The domain 'daccat.at' is registered to 'xlbs@tvchd.com'. A Google search for this domain produces this link at Hybrid Analysis and indicates that this particular domain was contacted as part of a piece of malware. At Virus Total, 50/68 antivirus engines detect this particular sample as malicious.

jiamcho1955@dnsname.info

Searching Google for this registrant email address yields multiple links to malware that reaches out to domains owned by 'jiamcho1955@dnsname.info'. Virus Total corroborates this information showing 48 and 53 antivirus detections respectively.

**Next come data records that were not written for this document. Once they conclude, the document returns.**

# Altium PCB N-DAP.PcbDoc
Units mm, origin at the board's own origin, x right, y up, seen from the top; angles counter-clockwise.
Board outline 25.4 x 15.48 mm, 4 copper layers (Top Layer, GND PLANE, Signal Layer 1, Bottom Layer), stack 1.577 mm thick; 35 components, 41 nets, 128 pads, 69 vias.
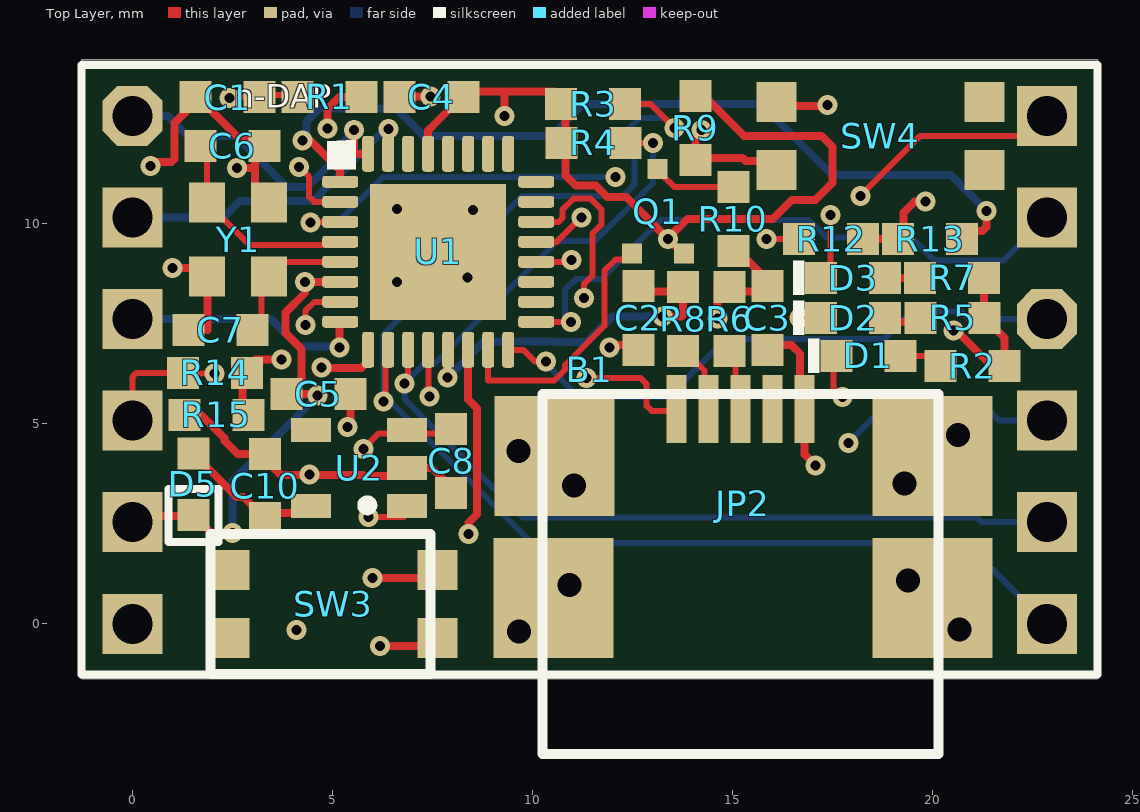
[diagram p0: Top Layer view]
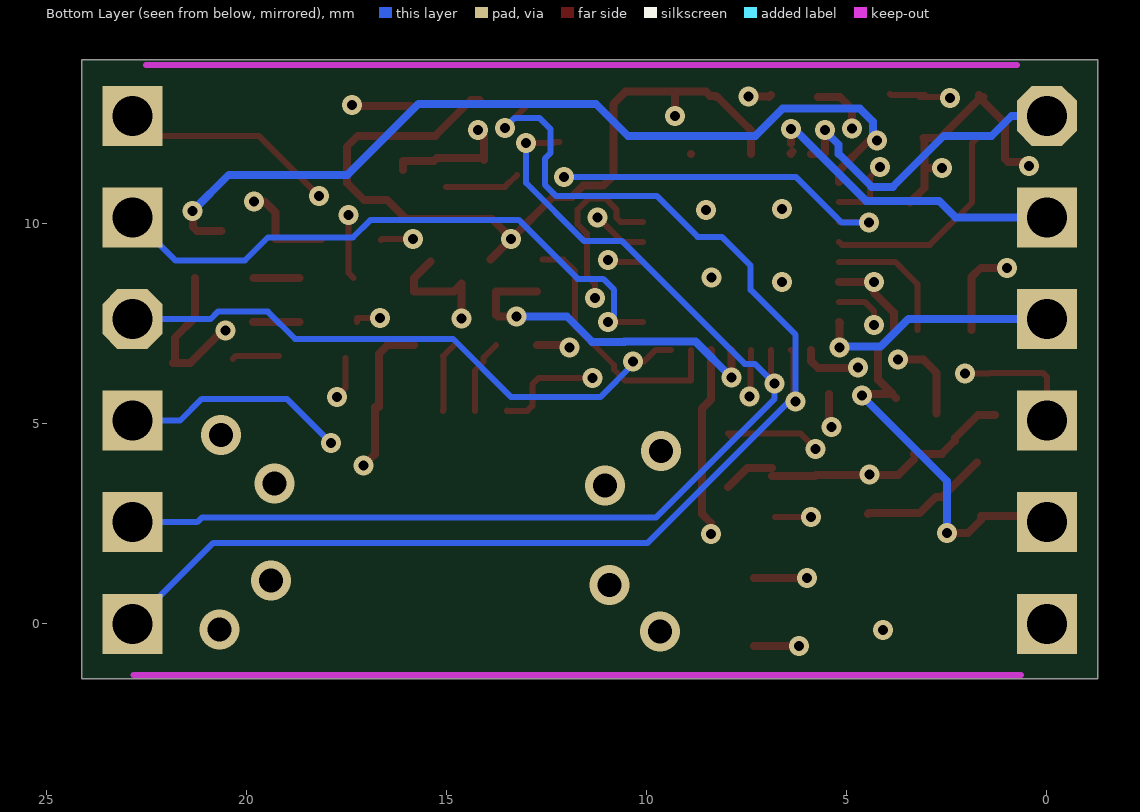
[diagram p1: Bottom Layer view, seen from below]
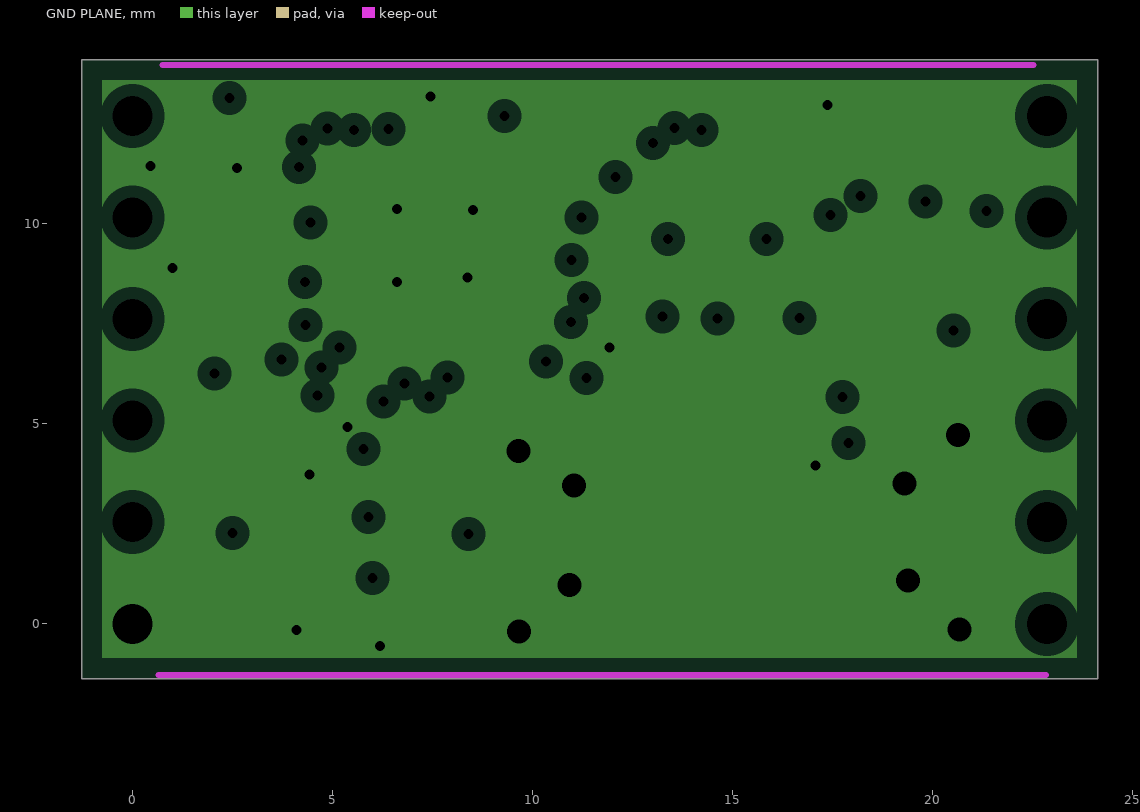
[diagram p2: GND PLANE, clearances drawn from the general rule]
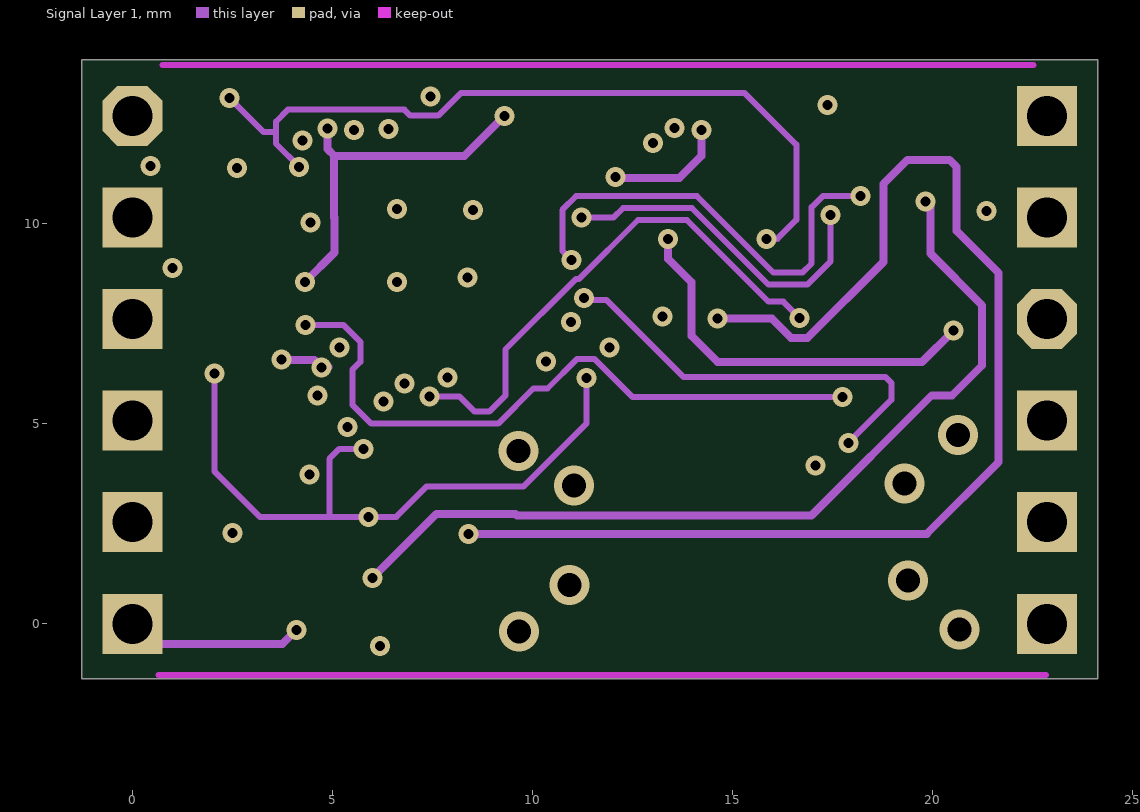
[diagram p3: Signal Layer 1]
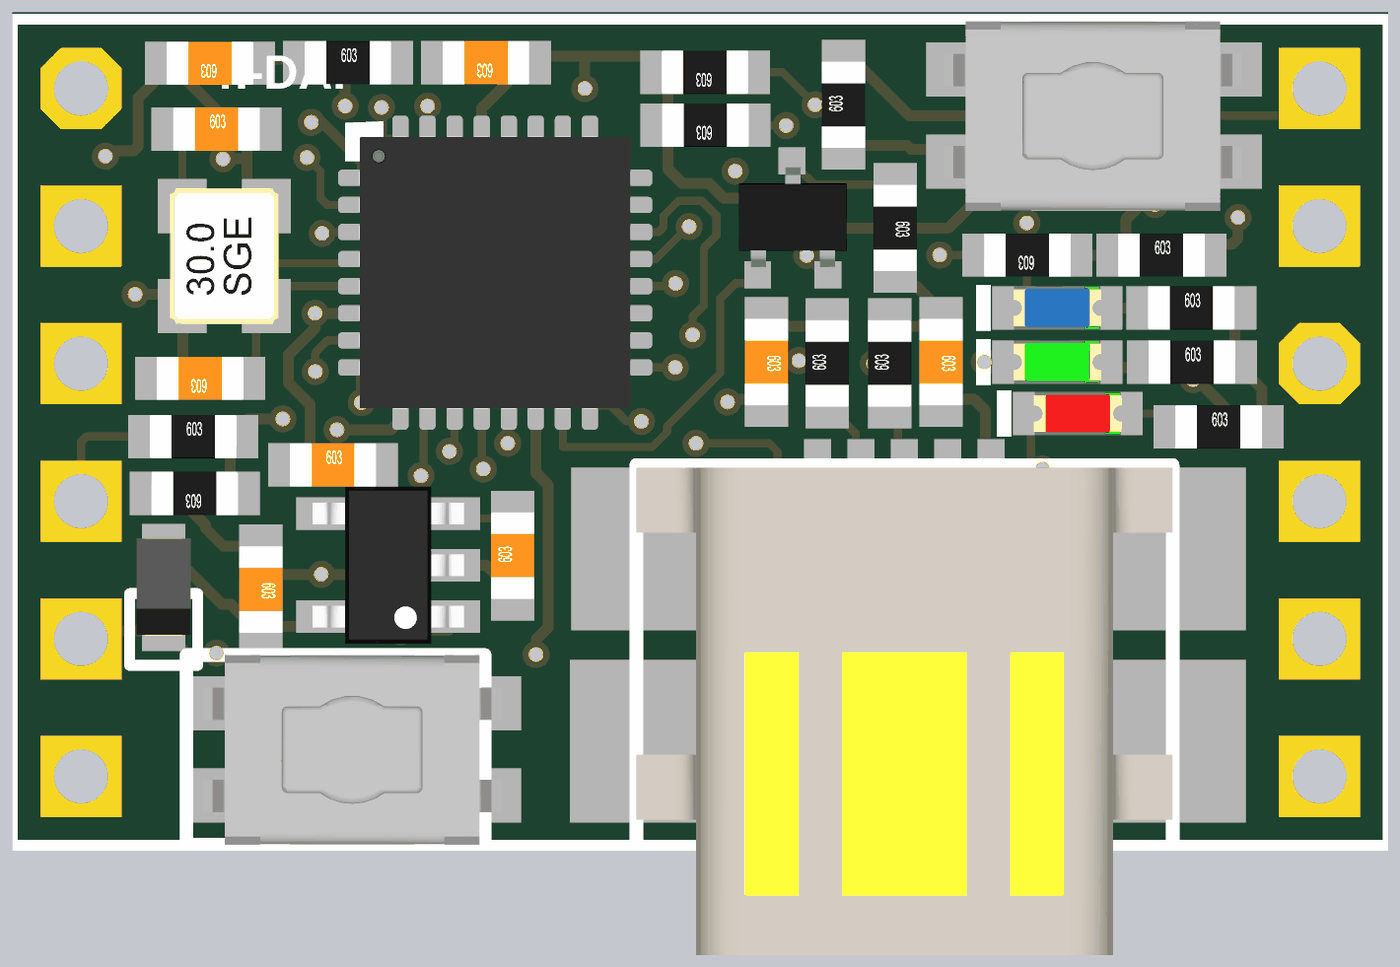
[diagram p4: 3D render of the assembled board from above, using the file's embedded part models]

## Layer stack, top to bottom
Top Solder: solder mask 0.0102, Solder Resist, Dk 3.5
Top Layer: signal copper 0.0356
Dielectric1: core 0.48, FR-4, Dk 4.8
GND PLANE: plane copper 0.036, net GND
Dielectric 4: prepreg 0.7, Dk 4.2
Signal Layer 1: signal copper 0.036
Dielectric 3: core 0.254, Dk 4.2
Bottom Layer: signal copper 0.0356
Bottom Solder: solder mask 0.0102, Solder Resist, Dk 3.5

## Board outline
-1.27,-1.37 24.13,-1.37 24.13,14.105 -1.27,14.105

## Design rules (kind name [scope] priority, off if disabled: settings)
Clearance "Clearance IN CLASS 1mm" [(InNetClass('CL-1mm'))] p1 off: gap=1 ignorepadtopadclearanceinfootprint=FALSE except(0: Arc-Hole Track-Hole SMDPad-Hole THPad-Hole Via-Hole Fill-Hole Poly-Hole Region-Hole Text-Hole)
Clearance Clearance_GND_PLANE [InNamedPolygon('GND_POLY_TOP')] p2 off: gap=0.4 ignorepadtopadclearanceinfootprint=FALSE except(0: Arc-Hole Track-Hole SMDPad-Hole THPad-Hole Via-Hole Fill-Hole Poly-Hole Region-Hole Text-Hole)
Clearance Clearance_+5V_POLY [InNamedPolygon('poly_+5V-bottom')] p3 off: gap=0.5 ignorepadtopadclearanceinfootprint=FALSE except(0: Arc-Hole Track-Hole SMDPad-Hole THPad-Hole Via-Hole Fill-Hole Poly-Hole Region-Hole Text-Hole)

One Instance to Host Them All

Reaching out through various contacts, Talos was able to confirm that, in fact, a single Alibaba cloud instance was controlling this same IP address for the entire time period from October 19, 2017 through October 30, 2017. Is this IP address some part of a criminal domain hosting service? Or is it that a single nefarious enterprise is behind all of these various registrant email accounts and their associated domains? Only the criminals involved in this enterprise can say for certain. Talos continues to monitor this situation with an eye towards further deciphering the business model deployed by these miscreants.

Conclusion

Now that Necurs is back from their regular holiday break they are attempting to fill our inboxes with junk mail and malware once again. On one hand, the size of the Necurs botnet, and its ability to send from different nodes in every campaign makes it difficult to defend against; Standard IP address blocklists are ineffective against such tactics. Fortunately for network defenders, the fact that Necurs does relatively little to curate their recipient database limits the damage they can do. There are only so many times the same recipients will fall for Necurs' same, repetitive tricks. We can expect that Necurs will continue to try variations on some of their tried and true attacks, and so user education against these threats remains paramount.